Война в соответствии с зонами мира-экономики

Историки изучают войны одну за другой, но война как таковая в нескончаемом потоке минувших времен интересовала их очень редко, даже в такой знаменитой — и справедливо! — книге, как труд Ханса Дельбрюка88. Но ведь война присутствовала всегда, упорно навязываемая разным векам истории. Она в себе заключала все: самые трезвые расчеты, отвагу и трусость. Как считал Вернер Зомбарт, она строила капитализм, но столь же верно и обратное. Война была весами истины, пробой сил для государств, которым она помогала определиться, и знаком никогда не утихавшего безумия. Она была таким индикатором всего, что протекало и смешивалось в едином движении в человеческой истории, что «вписать» войну в рамки мира-экономики — это то же самое, что вскрыть иной смысл в конфликтах людей и дать неожиданное подтверждение схеме Иммануэля Валлерстайна.


Войне как искусству обучались и научались

Один из бесчисленных «порядков» — походных, развернутых и боевых — которые предлагают и комментируют «Начала военного искусства» («Les Principes de Part militaire», 1615) И. де Бийона, сеньера де Ла Прюнь, в соответствии с «правилами сего великого и превосходного полководца — принца Морица Нассауского» (р. 44).


В самом деле, у войны не один и тот же облик. Ее окрашивала, расчленяла география. Сосуществовало несколько форм войны, примитивных и современных, как сосуществовали рабовладение, крепостничество и капитализм. Каждый вел такую войну, какую мог.

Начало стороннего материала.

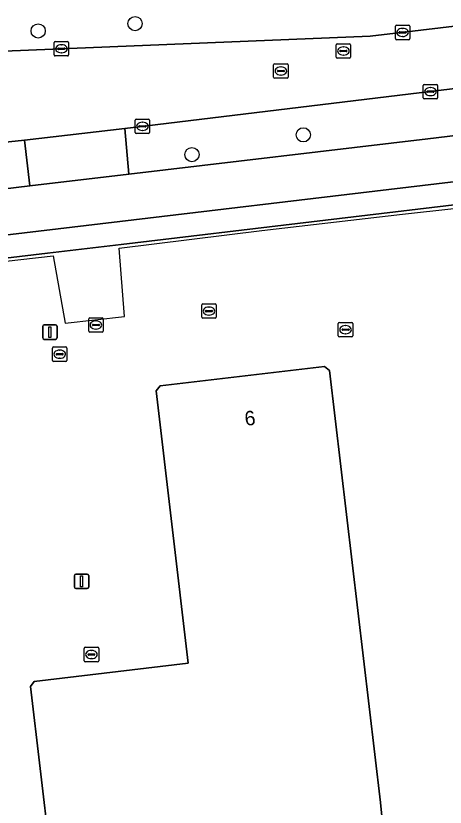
# Model space of a CAD drawing. Extents: x 161477 to 163040, y 383680 to 384871.
# Drawn here: x 161782.1 to 161811.7, y 383951.2 to 384005.8 of the extents above; entities that cross this region are included whole.
import ezdxf

# ---------------------------------------------------------------- set-up
doc = ezdxf.new("R2010")
doc.units = 0
for name, color, linetype in [('IMGEO_Berm_groen', 7, 'Continuous'), ('IMGEO_Boom', 7, 'Continuous'), ('IMGEO_Erf', 7, 'Continuous'), ('IMGEO_Fietspad_gesloten', 7, 'Continuous'), ('IMGEO_Hek', 7, 'Continuous'), ('IMGEO_Kolk', 7, 'Continuous'), ('IMGEO_Lichtmast', 7, 'Continuous'), ('IMGEO_Pand', 7, 'Continuous'), ('IMGEO_Pand_nummerreeks', 7, 'Continuous'), ('IMGEO_Rijbaan_lokaal_open', 7, 'Continuous'), ('IMGEO_Rioolput', 7, 'Continuous'), ('IMGEO_Voetpad_open', 7, 'Continuous')]:
    doc.layers.add(name, color=color, linetype=linetype)

msp = doc.modelspace()

# ---------------------------------------------------------------- linework, layer by layer
at = {"layer": 'IMGEO_Berm_groen'}
for points in [[(161763.406, 384002.679), (161774.505, 384003.101), (161806.538, 384004.391), (161824.986, 384006.585), (161828.197, 384006.984), (161829.022, 384007.117), (161838.619, 384008.665), (161849.163, 384010.365), (161855.055, 384011.424), (161855.546, 384011.497), (161856.037, 384011.57)], [(161828.903, 384001.089), (161831.245, 384002.923), (161831.22, 384003.056), (161829.549, 384002.852), (161829.007, 384002.786), (161827.026, 384002.569), (161809.92, 384000.48), (161789.593, 383998.031), (161789.883, 383994.869), (161810.506, 383997.319), (161820.233, 383998.475), (161825.487, 383999.102)]]:
    msp.add_lwpolyline(points, dxfattribs=at)
msp.add_lwpolyline([(161782.668, 383997.217), (161775.243, 383996.441), (161772.594, 383996.247), (161772.652, 383992.802), (161783.045, 383994.057)], close=True, dxfattribs=at)
at = {"layer": 'IMGEO_Boom'}
for centre in [(161790.305, 384005.266), (161783.622, 384004.761), (161801.919, 383997.589), (161794.237, 383996.223)]:
    msp.add_circle(centre, 0.489, dxfattribs=at)
at = {"layer": 'IMGEO_Erf'}
for points in [[(161815.61, 383993.149), (161789.352, 383990.026), (161784.255, 383989.42), (161776.903, 383988.545), (161782.69, 383938.808), (161821.416, 383943.334)], [(161803.384, 383981.593), (161803.738, 383981.304), (161807.24, 383951.488), (161807.35, 383950.547), (161784.759, 383947.894), (161784.419, 383948.159), (161783.095, 383959.489), (161783.353, 383959.837), (161793.982, 383961.102), (161791.758, 383979.909), (161792.036, 383980.261)]]:
    msp.add_lwpolyline(points, close=True, dxfattribs=at)
at = {"layer": 'IMGEO_Fietspad_gesloten'}
for points in [[(161825.487, 383999.102), (161820.233, 383998.475), (161810.506, 383997.319), (161789.883, 383994.869), (161783.045, 383994.057), (161772.652, 383992.802), (161763.811, 383991.819)], [(161772.22, 383989.582), (161824.85, 383995.834)]]:
    msp.add_lwpolyline(points, dxfattribs=at)
at = {"layer": 'IMGEO_Hek'}
for points in [[(161808.777, 383992.104), (161815.642, 383992.876)], [(161799.059, 383990.981), (161808.777, 383992.104)], [(161789.202, 383989.764), (161799.059, 383990.981)], [(161789.582, 383985.039), (161789.202, 383989.764)], [(161776.926, 383988.348), (161784.654, 383989.224)], [(161784.654, 383989.224), (161785.481, 383984.586)], [(161785.481, 383984.586), (161789.582, 383985.039)]]:
    msp.add_lwpolyline(points, dxfattribs=at)
at = {"layer": 'IMGEO_Kolk'}
for p, q in [((161808.272, 384004.234), (161808.272, 384005.086)), ((161808.347, 384005.16), (161809.199, 384005.16)), ((161808.76, 384004.94), (161808.785, 384004.94)), ((161809.273, 384005.086), (161809.273, 384004.234)), ((161808.531, 384004.654), (161808.531, 384004.666)), ((161808.969, 384004.617), (161808.571, 384004.617)), ((161808.574, 384004.703), (161808.972, 384004.703)), ((161808.783, 384004.38), (161808.758, 384004.38)), ((161809.015, 384004.666), (161809.015, 384004.654)), ((161784.723, 384003.107), (161784.723, 384003.959)), ((161784.798, 384004.033), (161785.65, 384004.033)), ((161785.211, 384003.813), (161785.236, 384003.813)), ((161785.724, 384003.959), (161785.724, 384003.107)), ((161809.199, 384004.16), (161808.347, 384004.16)), ((161784.982, 384003.527), (161784.982, 384003.539)), ((161785.42, 384003.49), (161785.022, 384003.49)), ((161785.025, 384003.576), (161785.423, 384003.576)), ((161785.234, 384003.253), (161785.209, 384003.253)), ((161785.466, 384003.539), (161785.466, 384003.527)), ((161785.65, 384003.033), (161784.798, 384003.033)), ((161810.266, 384001.073), (161811.118, 384001.073)), ((161810.191, 384000.147), (161810.191, 384000.999)), ((161810.45, 384000.567), (161810.45, 384000.579)), ((161810.888, 384000.53), (161810.49, 384000.53)), ((161810.493, 384000.616), (161810.891, 384000.616)), ((161810.679, 384000.853), (161810.704, 384000.853)), ((161810.934, 384000.579), (161810.934, 384000.567)), ((161811.192, 384000.999), (161811.192, 384000.147)), ((161811.118, 384000.073), (161810.266, 384000.073)), ((161810.702, 384000.293), (161810.677, 384000.293)), ((161790.314, 383997.752), (161790.314, 383998.604)), ((161790.389, 383998.678), (161791.241, 383998.678)), ((161790.802, 383998.458), (161790.827, 383998.458)), ((161791.315, 383998.604), (161791.315, 383997.752)), ((161790.573, 383998.172), (161790.573, 383998.184)), ((161791.011, 383998.135), (161790.613, 383998.135)), ((161790.616, 383998.221), (161791.014, 383998.221)), ((161790.825, 383997.898), (161790.8, 383997.898)), ((161791.057, 383998.184), (161791.057, 383998.172)), ((161791.241, 383997.678), (161790.389, 383997.678)), ((161794.909, 383984.992), (161794.909, 383985.844)), ((161794.984, 383985.918), (161795.836, 383985.918)), ((161795.91, 383985.844), (161795.91, 383984.992)), ((161795.168, 383985.412), (161795.168, 383985.424)), ((161795.606, 383985.375), (161795.208, 383985.375)), ((161795.211, 383985.461), (161795.609, 383985.461)), ((161795.397, 383985.698), (161795.422, 383985.698)), ((161795.652, 383985.424), (161795.652, 383985.412)), ((161787.108, 383984.027), (161787.108, 383984.879)), ((161787.183, 383984.953), (161788.035, 383984.953)), ((161787.596, 383984.733), (161787.621, 383984.733)), ((161788.109, 383984.879), (161788.109, 383984.027)), ((161795.836, 383984.918), (161794.984, 383984.918)), ((161795.42, 383985.138), (161795.395, 383985.138)), ((161787.367, 383984.447), (161787.367, 383984.459)), ((161787.805, 383984.41), (161787.407, 383984.41)), ((161787.41, 383984.496), (161787.808, 383984.496)), ((161787.619, 383984.173), (161787.594, 383984.173)), ((161787.851, 383984.459), (161787.851, 383984.447)), ((161804.336, 383983.705), (161804.336, 383984.557)), ((161804.411, 383984.631), (161805.263, 383984.631)), ((161804.595, 383984.125), (161804.595, 383984.137)), ((161804.638, 383984.174), (161805.036, 383984.174)), ((161804.824, 383984.411), (161804.849, 383984.411)), ((161805.079, 383984.137), (161805.079, 383984.125)), ((161805.337, 383984.557), (161805.337, 383983.705)), ((161788.035, 383983.953), (161787.183, 383983.953)), ((161805.263, 383983.631), (161804.411, 383983.631)), ((161805.033, 383984.088), (161804.635, 383984.088)), ((161804.847, 383983.851), (161804.822, 383983.851)), ((161784.607, 383982.014), (161784.607, 383982.866)), ((161784.682, 383982.94), (161785.534, 383982.94)), ((161784.909, 383982.483), (161785.307, 383982.483)), ((161785.095, 383982.72), (161785.12, 383982.72)), ((161785.608, 383982.866), (161785.608, 383982.014)), ((161785.534, 383981.94), (161784.682, 383981.94)), ((161784.866, 383982.434), (161784.866, 383982.446)), ((161785.304, 383982.397), (161784.906, 383982.397)), ((161785.118, 383982.16), (161785.093, 383982.16)), ((161785.35, 383982.446), (161785.35, 383982.434)), ((161786.799, 383961.275), (161786.799, 383962.127)), ((161786.874, 383962.201), (161787.726, 383962.201)), ((161787.058, 383961.695), (161787.058, 383961.707)), ((161787.101, 383961.744), (161787.499, 383961.744)), ((161787.287, 383961.981), (161787.312, 383961.981)), ((161787.542, 383961.707), (161787.542, 383961.695)), ((161787.8, 383962.127), (161787.8, 383961.275)), ((161787.726, 383961.201), (161786.874, 383961.201)), ((161787.496, 383961.658), (161787.098, 383961.658)), ((161787.31, 383961.421), (161787.285, 383961.421))]:
    msp.add_line(p, q, dxfattribs=at)
for points in [[(161808.272, 384004.234), (161808.272, 384005.086)], [(161808.347, 384005.16), (161809.199, 384005.16)], [(161809.273, 384005.086), (161809.273, 384004.234)], [(161784.723, 384003.107), (161784.723, 384003.959)], [(161784.798, 384004.033), (161785.65, 384004.033)], [(161785.724, 384003.959), (161785.724, 384003.107)], [(161809.199, 384004.16), (161808.347, 384004.16)], [(161785.65, 384003.033), (161784.798, 384003.033)], [(161810.266, 384001.073), (161811.118, 384001.073)], [(161810.191, 384000.147), (161810.191, 384000.999)], [(161811.192, 384000.999), (161811.192, 384000.147)], [(161811.118, 384000.073), (161810.266, 384000.073)], [(161790.314, 383997.752), (161790.314, 383998.604)], [(161790.389, 383998.678), (161791.241, 383998.678)], [(161791.315, 383998.604), (161791.315, 383997.752)], [(161791.241, 383997.678), (161790.389, 383997.678)], [(161794.909, 383984.992), (161794.909, 383985.844)], [(161794.984, 383985.918), (161795.836, 383985.918)], [(161795.91, 383985.844), (161795.91, 383984.992)], [(161787.108, 383984.027), (161787.108, 383984.879)], [(161787.183, 383984.953), (161788.035, 383984.953)], [(161788.109, 383984.879), (161788.109, 383984.027)], [(161795.836, 383984.918), (161794.984, 383984.918)], [(161804.336, 383983.705), (161804.336, 383984.557)], [(161804.411, 383984.631), (161805.263, 383984.631)], [(161805.337, 383984.557), (161805.337, 383983.705)], [(161788.035, 383983.953), (161787.183, 383983.953)], [(161805.263, 383983.631), (161804.411, 383983.631)], [(161784.607, 383982.014), (161784.607, 383982.866)], [(161784.682, 383982.94), (161785.534, 383982.94)], [(161785.608, 383982.866), (161785.608, 383982.014)], [(161785.534, 383981.94), (161784.682, 383981.94)], [(161786.799, 383961.275), (161786.799, 383962.127)], [(161786.874, 383962.201), (161787.726, 383962.201)], [(161787.8, 383962.127), (161787.8, 383961.275)], [(161787.726, 383961.201), (161786.874, 383961.201)]]:
    msp.add_lwpolyline(points, dxfattribs=at)
for centre, radius, start, end in [((161808.349, 384005.084), 0.0765, 91.552, 178.448), ((161808.349, 384005.084), 0.0765, 91.552, 178.448), ((161809.197, 384005.084), 0.0765, 1.552, 88.448), ((161809.197, 384005.084), 0.0765, 1.552, 88.448), ((161808.571, 384004.663), 0.0403, 85.8775, 175.7526), ((161808.568, 384004.653), 0.0366, 178.938, 274.7102), ((161808.972, 384004.66), 0.043, 264.8664, 352.4533), ((161808.976, 384004.665), 0.0386, 1.7309, 96.639), ((161784.8, 384003.957), 0.0765, 91.552, 178.448), ((161784.8, 384003.957), 0.0765, 91.552, 178.448), ((161785.648, 384003.957), 0.0765, 1.552, 88.448), ((161785.648, 384003.957), 0.0765, 1.552, 88.448), ((161808.349, 384004.236), 0.0765, 181.552, 268.448), ((161808.349, 384004.236), 0.0765, 181.552, 268.448), ((161809.197, 384004.236), 0.0765, 271.552, 358.448), ((161809.197, 384004.236), 0.0765, 271.552, 358.448), ((161785.022, 384003.536), 0.0403, 85.8775, 175.7526), ((161785.019, 384003.526), 0.0366, 178.938, 274.7102), ((161785.423, 384003.533), 0.043, 264.8664, 352.4533), ((161785.427, 384003.538), 0.0386, 1.7309, 96.639), ((161784.8, 384003.109), 0.0765, 181.552, 268.448), ((161784.8, 384003.109), 0.0765, 181.552, 268.448), ((161785.648, 384003.109), 0.0765, 271.552, 358.448), ((161785.648, 384003.109), 0.0765, 271.552, 358.448), ((161810.268, 384000.997), 0.0765, 91.552, 178.448), ((161810.268, 384000.997), 0.0765, 91.552, 178.448), ((161811.116, 384000.997), 0.0765, 1.552, 88.448), ((161811.116, 384000.997), 0.0765, 1.552, 88.448), ((161810.49, 384000.576), 0.0403, 85.8775, 175.7526), ((161810.487, 384000.566), 0.0366, 178.938, 274.7102), ((161810.891, 384000.573), 0.043, 264.8664, 352.4533), ((161810.895, 384000.578), 0.0386, 1.7309, 96.639), ((161810.268, 384000.149), 0.0765, 181.552, 268.448), ((161810.268, 384000.149), 0.0765, 181.552, 268.448), ((161811.116, 384000.149), 0.0765, 271.552, 358.448), ((161811.116, 384000.149), 0.0765, 271.552, 358.448), ((161790.391, 383998.602), 0.0765, 91.552, 178.448), ((161790.391, 383998.602), 0.0765, 91.552, 178.448), ((161791.239, 383998.602), 0.0765, 1.552, 88.448), ((161791.239, 383998.602), 0.0765, 1.552, 88.448), ((161790.613, 383998.181), 0.0403, 85.8775, 175.7526), ((161790.61, 383998.171), 0.0366, 178.938, 274.7102), ((161791.014, 383998.178), 0.043, 264.8664, 352.4533), ((161791.018, 383998.183), 0.0386, 1.7309, 96.639), ((161790.391, 383997.754), 0.0765, 181.552, 268.448), ((161790.391, 383997.754), 0.0765, 181.552, 268.448), ((161791.239, 383997.754), 0.0765, 271.552, 358.448), ((161791.239, 383997.754), 0.0765, 271.552, 358.448), ((161794.986, 383985.842), 0.0765, 91.552, 178.448), ((161794.986, 383985.842), 0.0765, 91.552, 178.448), ((161795.834, 383985.842), 0.0765, 1.552, 88.448), ((161795.834, 383985.842), 0.0765, 1.552, 88.448), ((161795.208, 383985.421), 0.0403, 85.8775, 175.7526), ((161795.205, 383985.411), 0.0366, 178.938, 274.7102), ((161795.609, 383985.418), 0.043, 264.8664, 352.4533), ((161795.613, 383985.423), 0.0386, 1.7309, 96.639), ((161787.185, 383984.877), 0.0765, 91.552, 178.448), ((161787.185, 383984.877), 0.0765, 91.552, 178.448), ((161788.033, 383984.877), 0.0765, 1.552, 88.448), ((161788.033, 383984.877), 0.0765, 1.552, 88.448), ((161794.986, 383984.994), 0.0765, 181.552, 268.448), ((161794.986, 383984.994), 0.0765, 181.552, 268.448), ((161795.834, 383984.994), 0.0765, 271.552, 358.448), ((161795.834, 383984.994), 0.0765, 271.552, 358.448), ((161787.407, 383984.456), 0.0403, 85.8775, 175.7526), ((161787.404, 383984.446), 0.0366, 178.938, 274.7102), ((161787.808, 383984.453), 0.043, 264.8664, 352.4533), ((161787.812, 383984.458), 0.0386, 1.7309, 96.639), ((161804.413, 383984.555), 0.0765, 91.552, 178.448), ((161804.413, 383984.555), 0.0765, 91.552, 178.448), ((161804.635, 383984.134), 0.0403, 85.8775, 175.7526), ((161804.632, 383984.124), 0.0366, 178.938, 274.7102), ((161805.036, 383984.131), 0.043, 264.8664, 352.4533), ((161805.04, 383984.136), 0.0386, 1.7309, 96.639), ((161805.261, 383984.555), 0.0765, 1.552, 88.448), ((161805.261, 383984.555), 0.0765, 1.552, 88.448), ((161787.185, 383984.029), 0.0765, 181.552, 268.448), ((161787.185, 383984.029), 0.0765, 181.552, 268.448), ((161788.033, 383984.029), 0.0765, 271.552, 358.448), ((161788.033, 383984.029), 0.0765, 271.552, 358.448), ((161804.413, 383983.707), 0.0765, 181.552, 268.448), ((161804.413, 383983.707), 0.0765, 181.552, 268.448), ((161805.261, 383983.707), 0.0765, 271.552, 358.448), ((161805.261, 383983.707), 0.0765, 271.552, 358.448), ((161784.684, 383982.864), 0.0765, 91.552, 178.448), ((161784.684, 383982.864), 0.0765, 91.552, 178.448), ((161784.906, 383982.443), 0.0403, 85.8775, 175.7526), ((161785.311, 383982.445), 0.0386, 1.7309, 96.639), ((161785.532, 383982.864), 0.0765, 1.552, 88.448), ((161785.532, 383982.864), 0.0765, 1.552, 88.448), ((161784.684, 383982.016), 0.0765, 181.552, 268.448), ((161784.684, 383982.016), 0.0765, 181.552, 268.448), ((161784.903, 383982.433), 0.0366, 178.938, 274.7102), ((161785.307, 383982.44), 0.043, 264.8664, 352.4533), ((161785.532, 383982.016), 0.0765, 271.552, 358.448), ((161785.532, 383982.016), 0.0765, 271.552, 358.448), ((161786.876, 383962.125), 0.0765, 91.552, 178.448), ((161786.876, 383962.125), 0.0765, 91.552, 178.448), ((161787.098, 383961.704), 0.0403, 85.8775, 175.7526), ((161787.503, 383961.706), 0.0386, 1.7309, 96.639), ((161787.724, 383962.125), 0.0765, 1.552, 88.448), ((161787.724, 383962.125), 0.0765, 1.552, 88.448), ((161786.876, 383961.277), 0.0765, 181.552, 268.448), ((161786.876, 383961.277), 0.0765, 181.552, 268.448), ((161787.095, 383961.694), 0.0366, 178.938, 274.7102), ((161787.499, 383961.701), 0.043, 264.8664, 352.4533), ((161787.724, 383961.277), 0.0765, 271.552, 358.448), ((161787.724, 383961.277), 0.0765, 271.552, 358.448)]:
    msp.add_arc(centre, radius, start, end, dxfattribs=at)
for centre, major_axis, ratio, start_param, end_param in [((161808.759, 384004.66), (-0.387, 0.002), 0.722429, 4.712389, 7.853982), ((161808.784, 384004.66), (-0.39, 0.002), 0.717154, 1.570796, 4.712389), ((161785.21, 384003.533), (-0.387, 0.002), 0.722429, 4.712389, 7.853982), ((161785.235, 384003.533), (-0.39, 0.002), 0.717154, 1.570796, 4.712389), ((161810.678, 384000.573), (-0.387, 0.002), 0.722429, 4.712389, 7.853982), ((161810.703, 384000.573), (-0.39, 0.002), 0.717154, 1.570796, 4.712389), ((161790.801, 383998.178), (-0.387, 0.002), 0.722429, 4.712389, 7.853982), ((161790.826, 383998.178), (-0.39, 0.002), 0.717154, 1.570796, 4.712389), ((161795.396, 383985.418), (-0.387, 0.002), 0.722429, 4.712389, 7.853982), ((161795.421, 383985.418), (-0.39, 0.002), 0.717154, 1.570796, 4.712389), ((161787.595, 383984.453), (-0.387, 0.002), 0.722429, 4.712389, 7.853982), ((161787.62, 383984.453), (-0.39, 0.002), 0.717154, 1.570796, 4.712389), ((161804.823, 383984.131), (-0.387, 0.002), 0.722429, 4.712389, 7.853982), ((161804.848, 383984.131), (-0.39, 0.002), 0.717154, 1.570796, 4.712389), ((161785.094, 383982.44), (-0.387, 0.002), 0.722429, 4.712389, 7.853982), ((161785.119, 383982.44), (-0.39, 0.002), 0.717154, 1.570796, 4.712389), ((161787.286, 383961.701), (-0.387, 0.002), 0.722429, 4.712389, 7.853982), ((161787.311, 383961.701), (-0.39, 0.002), 0.717154, 1.570796, 4.712389)]:
    msp.add_ellipse(centre, major_axis=major_axis, ratio=ratio, start_param=start_param, end_param=end_param, dxfattribs=at)
at = {"layer": 'IMGEO_Lichtmast'}
for p, q in [((161783.933, 383983.564), (161783.933, 383984.364)), ((161783.933, 383984.364), (161783.933, 383983.564)), ((161784.033, 383984.464), (161784.823, 383984.464)), ((161784.823, 383984.464), (161784.033, 383984.464)), ((161784.923, 383984.364), (161784.923, 383983.564)), ((161784.923, 383983.564), (161784.923, 383984.364)), ((161784.823, 383983.464), (161784.033, 383983.464)), ((161784.033, 383983.464), (161784.823, 383983.464)), ((161786.22, 383967.26), (161787.01, 383967.26)), ((161787.01, 383967.26), (161786.22, 383967.26)), ((161786.12, 383966.36), (161786.12, 383967.16)), ((161786.12, 383967.16), (161786.12, 383966.36)), ((161787.11, 383967.16), (161787.11, 383966.36)), ((161787.11, 383966.36), (161787.11, 383967.16)), ((161787.01, 383966.26), (161786.22, 383966.26)), ((161786.22, 383966.26), (161787.01, 383966.26))]:
    msp.add_line(p, q, dxfattribs=at)
for points in [[(161784.353, 383984.339), (161784.503, 383984.339), (161784.503, 383983.589), (161784.353, 383983.589), (161784.353, 383984.339)], [(161786.54, 383967.135), (161786.69, 383967.135), (161786.69, 383966.385), (161786.54, 383966.385), (161786.54, 383967.135)]]:
    msp.add_lwpolyline(points, dxfattribs=at)
for centre, start, end in [((161784.033, 383984.364), 90, 180), ((161784.033, 383984.364), 90, 180), ((161784.823, 383984.364), 0, 90), ((161784.823, 383984.364), 360, 90), ((161784.033, 383983.564), 180, 270), ((161784.033, 383983.564), 180, 270), ((161784.823, 383983.564), 270, 0), ((161784.823, 383983.564), 270, 0), ((161786.22, 383967.16), 90, 180), ((161786.22, 383967.16), 90, 180), ((161787.01, 383967.16), 0, 90), ((161787.01, 383967.16), 360, 90), ((161786.22, 383966.36), 180, 270), ((161786.22, 383966.36), 180, 270), ((161787.01, 383966.36), 270, 0), ((161787.01, 383966.36), 270, 0)]:
    msp.add_arc(centre, 0.1, start, end, dxfattribs=at)
at = {"layer": 'IMGEO_Pand'}
msp.add_lwpolyline([(161803.738, 383981.304), (161803.384, 383981.593), (161792.036, 383980.261), (161791.758, 383979.909), (161793.982, 383961.102), (161783.353, 383959.837), (161783.095, 383959.489), (161784.419, 383948.159), (161784.759, 383947.894), (161807.35, 383950.547), (161807.24, 383951.488)], close=True, dxfattribs=at)
at = {"layer": 'IMGEO_Rijbaan_lokaal_open'}
msp.add_lwpolyline([(161827.026, 384002.569), (161829.007, 384002.786), (161829.549, 384002.852), (161829.022, 384007.117), (161828.197, 384006.984), (161824.986, 384006.585), (161806.538, 384004.391), (161774.505, 384003.101), (161775.243, 383996.441), (161782.668, 383997.217), (161789.593, 383998.031), (161809.92, 384000.48)], close=True, dxfattribs=at)
at = {"layer": 'IMGEO_Rioolput'}
for p, q in [((161804.186, 384002.954), (161804.186, 384003.806)), ((161804.261, 384003.88), (161805.113, 384003.88)), ((161805.187, 384003.806), (161805.187, 384002.954)), ((161804.445, 384003.374), (161804.445, 384003.386)), ((161804.883, 384003.337), (161804.485, 384003.337)), ((161804.488, 384003.423), (161804.886, 384003.423)), ((161804.674, 384003.66), (161804.699, 384003.66)), ((161804.929, 384003.386), (161804.929, 384003.374)), ((161805.113, 384002.88), (161804.261, 384002.88)), ((161804.697, 384003.1), (161804.672, 384003.1)), ((161799.87, 384001.571), (161799.87, 384002.423)), ((161799.945, 384002.497), (161800.797, 384002.497)), ((161800.358, 384002.277), (161800.383, 384002.277)), ((161800.871, 384002.423), (161800.871, 384001.571)), ((161800.129, 384001.991), (161800.129, 384002.003)), ((161800.567, 384001.954), (161800.169, 384001.954)), ((161800.172, 384002.04), (161800.57, 384002.04)), ((161800.381, 384001.717), (161800.356, 384001.717)), ((161800.613, 384002.003), (161800.613, 384001.991)), ((161800.797, 384001.497), (161799.945, 384001.497))]:
    msp.add_line(p, q, dxfattribs=at)
for points in [[(161804.186, 384002.954), (161804.186, 384003.806)], [(161804.261, 384003.88), (161805.113, 384003.88)], [(161805.187, 384003.806), (161805.187, 384002.954)], [(161805.113, 384002.88), (161804.261, 384002.88)], [(161799.87, 384001.571), (161799.87, 384002.423)], [(161799.945, 384002.497), (161800.797, 384002.497)], [(161800.871, 384002.423), (161800.871, 384001.571)], [(161800.797, 384001.497), (161799.945, 384001.497)]]:
    msp.add_lwpolyline(points, dxfattribs=at)
for centre, radius, start, end in [((161804.263, 384003.804), 0.0765, 91.552, 178.448), ((161804.263, 384003.804), 0.0765, 91.552, 178.448), ((161805.111, 384003.804), 0.0765, 1.552, 88.448), ((161805.111, 384003.804), 0.0765, 1.552, 88.448), ((161804.485, 384003.383), 0.0403, 85.8775, 175.7526), ((161804.482, 384003.373), 0.0366, 178.938, 274.7102), ((161804.886, 384003.38), 0.043, 264.8664, 352.4533), ((161804.89, 384003.385), 0.0386, 1.7309, 96.639), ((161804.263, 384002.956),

Вернер Зомбарт не ошибался, говоря о войне, обновляемой [развитием] техники, войне — созидательнице современности, которая как бы работала на скорейшее утверждение капиталистических систем. С XVI в. существовали войны «авангардные», которые яростно мобилизовывали кредиты, умы, изобретательность техников, настолько, что войны сами, как говорилось, изменялись от года к году в соответствии с настоятельными велениями моды, конечно же куда менее забавными, чем перемены в украшении костюма. Но такая война, дочь прогресса и его мать, существовала лишь в сердце миров-экономик; для того чтобы развиться, ей требовалось обилие людей и средств, требовалось дерзкое величие планов. Покиньте эту центральную сцену мирового театра, к тому же преимущественно освещаемую информацией и историографией своего времени, и доберитесь до бедных, иной раз первобытных периферийных областей: славной войне не было там места или же она бывала смешна и, более того, неэффективна.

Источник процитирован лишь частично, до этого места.